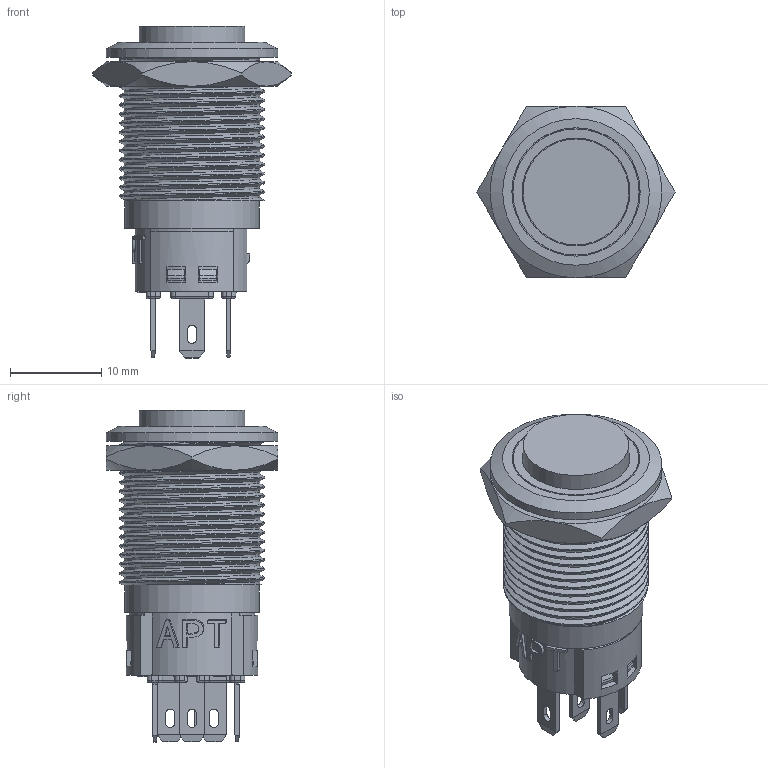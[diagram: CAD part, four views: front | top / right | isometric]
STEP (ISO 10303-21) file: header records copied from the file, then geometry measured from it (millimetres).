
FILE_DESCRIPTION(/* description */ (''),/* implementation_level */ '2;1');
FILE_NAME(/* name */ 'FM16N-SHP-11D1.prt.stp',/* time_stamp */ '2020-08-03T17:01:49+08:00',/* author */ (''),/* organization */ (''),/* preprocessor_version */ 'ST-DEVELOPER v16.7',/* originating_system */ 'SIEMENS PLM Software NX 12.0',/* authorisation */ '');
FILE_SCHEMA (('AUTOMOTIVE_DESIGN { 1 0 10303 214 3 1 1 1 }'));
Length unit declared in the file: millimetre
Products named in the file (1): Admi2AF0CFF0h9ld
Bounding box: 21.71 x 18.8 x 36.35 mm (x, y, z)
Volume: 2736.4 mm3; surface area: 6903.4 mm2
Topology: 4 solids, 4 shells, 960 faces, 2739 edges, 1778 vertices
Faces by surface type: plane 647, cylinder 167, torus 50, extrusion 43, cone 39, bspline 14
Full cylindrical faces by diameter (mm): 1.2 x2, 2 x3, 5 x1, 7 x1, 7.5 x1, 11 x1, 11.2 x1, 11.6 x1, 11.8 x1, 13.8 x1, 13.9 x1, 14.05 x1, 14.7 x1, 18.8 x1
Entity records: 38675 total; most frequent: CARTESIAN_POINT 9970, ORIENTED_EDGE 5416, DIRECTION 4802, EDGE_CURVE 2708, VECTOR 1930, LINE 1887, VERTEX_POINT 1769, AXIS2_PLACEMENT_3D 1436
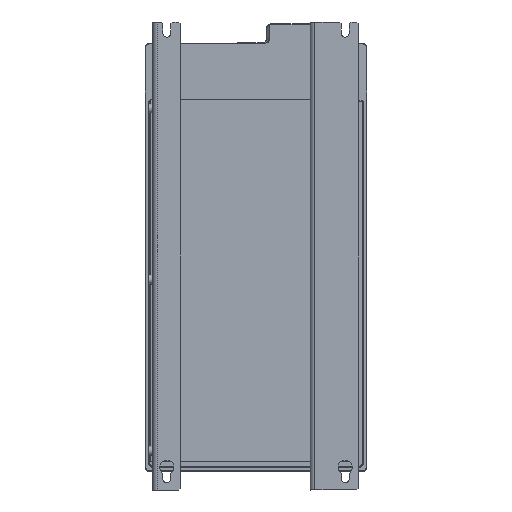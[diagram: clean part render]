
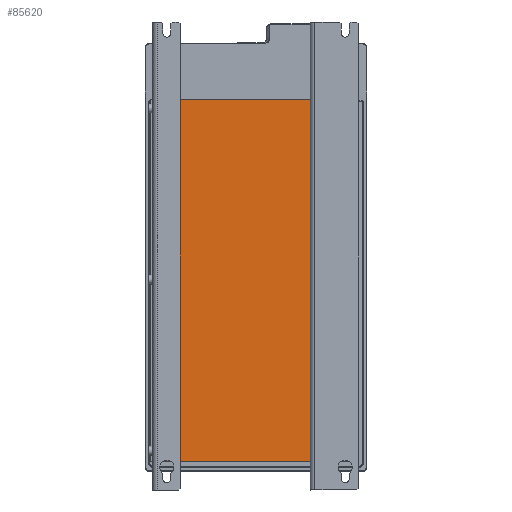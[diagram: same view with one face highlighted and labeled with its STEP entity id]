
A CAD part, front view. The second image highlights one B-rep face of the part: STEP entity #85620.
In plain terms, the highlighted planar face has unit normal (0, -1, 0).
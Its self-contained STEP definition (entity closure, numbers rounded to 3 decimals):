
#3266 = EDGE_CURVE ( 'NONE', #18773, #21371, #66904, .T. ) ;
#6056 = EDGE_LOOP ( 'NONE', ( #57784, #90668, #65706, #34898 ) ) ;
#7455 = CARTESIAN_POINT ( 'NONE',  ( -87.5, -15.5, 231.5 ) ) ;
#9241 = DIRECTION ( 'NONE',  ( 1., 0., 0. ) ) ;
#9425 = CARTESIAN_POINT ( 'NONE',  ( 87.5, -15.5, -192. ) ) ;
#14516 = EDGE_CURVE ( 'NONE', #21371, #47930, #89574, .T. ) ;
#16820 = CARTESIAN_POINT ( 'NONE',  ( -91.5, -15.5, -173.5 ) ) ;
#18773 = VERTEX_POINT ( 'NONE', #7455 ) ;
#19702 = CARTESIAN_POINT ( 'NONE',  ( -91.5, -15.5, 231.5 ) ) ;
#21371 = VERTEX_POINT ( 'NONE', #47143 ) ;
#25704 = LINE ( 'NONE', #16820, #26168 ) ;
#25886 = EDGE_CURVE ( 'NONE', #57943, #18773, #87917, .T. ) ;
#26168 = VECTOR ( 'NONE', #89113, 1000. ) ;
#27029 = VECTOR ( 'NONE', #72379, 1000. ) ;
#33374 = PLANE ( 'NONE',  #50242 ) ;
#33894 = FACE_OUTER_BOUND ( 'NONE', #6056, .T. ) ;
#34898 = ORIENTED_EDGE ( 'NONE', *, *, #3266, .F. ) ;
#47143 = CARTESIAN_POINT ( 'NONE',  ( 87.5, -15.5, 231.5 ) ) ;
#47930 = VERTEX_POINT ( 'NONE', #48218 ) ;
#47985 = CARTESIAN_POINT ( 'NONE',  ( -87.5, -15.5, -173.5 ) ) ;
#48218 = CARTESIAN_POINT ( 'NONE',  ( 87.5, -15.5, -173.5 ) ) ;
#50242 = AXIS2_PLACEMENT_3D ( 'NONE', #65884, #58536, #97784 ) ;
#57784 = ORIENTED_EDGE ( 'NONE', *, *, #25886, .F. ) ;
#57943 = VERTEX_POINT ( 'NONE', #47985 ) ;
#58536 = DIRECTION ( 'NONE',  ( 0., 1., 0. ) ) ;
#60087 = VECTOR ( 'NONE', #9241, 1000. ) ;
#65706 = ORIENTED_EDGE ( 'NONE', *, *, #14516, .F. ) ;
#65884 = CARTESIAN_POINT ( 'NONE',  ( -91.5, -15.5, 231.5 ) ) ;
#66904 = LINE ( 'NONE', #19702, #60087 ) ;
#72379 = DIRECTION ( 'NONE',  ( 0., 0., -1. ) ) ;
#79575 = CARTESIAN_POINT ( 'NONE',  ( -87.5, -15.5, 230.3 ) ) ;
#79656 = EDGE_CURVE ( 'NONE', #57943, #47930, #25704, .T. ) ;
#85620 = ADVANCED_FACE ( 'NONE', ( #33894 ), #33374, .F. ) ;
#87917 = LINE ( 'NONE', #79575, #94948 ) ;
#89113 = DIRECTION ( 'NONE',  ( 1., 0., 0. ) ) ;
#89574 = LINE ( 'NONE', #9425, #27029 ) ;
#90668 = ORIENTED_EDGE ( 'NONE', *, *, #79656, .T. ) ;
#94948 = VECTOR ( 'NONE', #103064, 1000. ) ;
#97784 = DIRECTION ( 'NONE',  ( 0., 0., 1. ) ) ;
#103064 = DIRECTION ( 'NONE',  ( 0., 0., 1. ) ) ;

▶ **Your objective**
Give the lines exactly, from the first line of the entries to the line with "#7455 = CARTESIAN_POINT", both ends included. Skip the pictures.

▶ **Response area**
[diagram: CAD part, four views: front | top / right | isometric]
STEP (ISO 10303-21) file: header records copied from the file, then geometry measured from it (millimetres).
FILE_DESCRIPTION(/* description */ (''),/* implementation_level */ '2;1');
FILE_NAME(/* name */ 'FM16N-SHP-11D1.prt.stp',/* time_stamp */ '2020-08-03T17:01:49+08:00',/* author */ (''),/* organization */ (''),/* preprocessor_version */ 'ST-DEVELOPER v16.7',/* originating_system */ 'SIEMENS PLM Software NX 12.0',/* authorisation */ '');
FILE_SCHEMA (('AUTOMOTIVE_DESIGN { 1 0 10303 214 3 1 1 1 }'));
Length unit declared in the file: millimetre
Products named in the file (1): Admi2AF0CFF0h9ld
Bounding box: 21.71 x 18.8 x 36.35 mm (x, y, z)
Volume: 2736.4 mm3; surface area: 6903.4 mm2
Topology: 4 solids, 4 shells, 960 faces, 2739 edges, 1778 vertices
Faces by surface type: plane 647, cylinder 167, torus 50, extrusion 43, cone 39, bspline 14
Full cylindrical faces by diameter (mm): 1.2 x2, 2 x3, 5 x1, 7 x1, 7.5 x1, 11 x1, 11.2 x1, 11.6 x1, 11.8 x1, 13.8 x1, 13.9 x1, 14.05 x1, 14.7 x1, 18.8 x1
Entity records: 38675 total; most frequent: CARTESIAN_POINT 9970, ORIENTED_EDGE 5416, DIRECTION 4802, EDGE_CURVE 2708, VECTOR 1930, LINE 1887, VERTEX_POINT 1769, AXIS2_PLACEMENT_3D 1436
[diagram: clean part render]
[diagram: same view with one face highlighted and labeled with its STEP entity id]
A CAD part, front view. The second image highlights one B-rep face of the part: STEP entity #85620.
In plain terms, the highlighted planar face has unit normal (0, -1, 0).
Its self-contained STEP definition (entity closure, numbers rounded to 3 decimals):
#3266 = EDGE_CURVE ( 'NONE', #18773, #21371, #66904, .T. ) ;
#6056 = EDGE_LOOP ( 'NONE', ( #57784, #90668, #65706, #34898 ) ) ;
#7455 = CARTESIAN_POINT ( 'NONE',  ( -87.5, -15.5, 231.5 ) ) ;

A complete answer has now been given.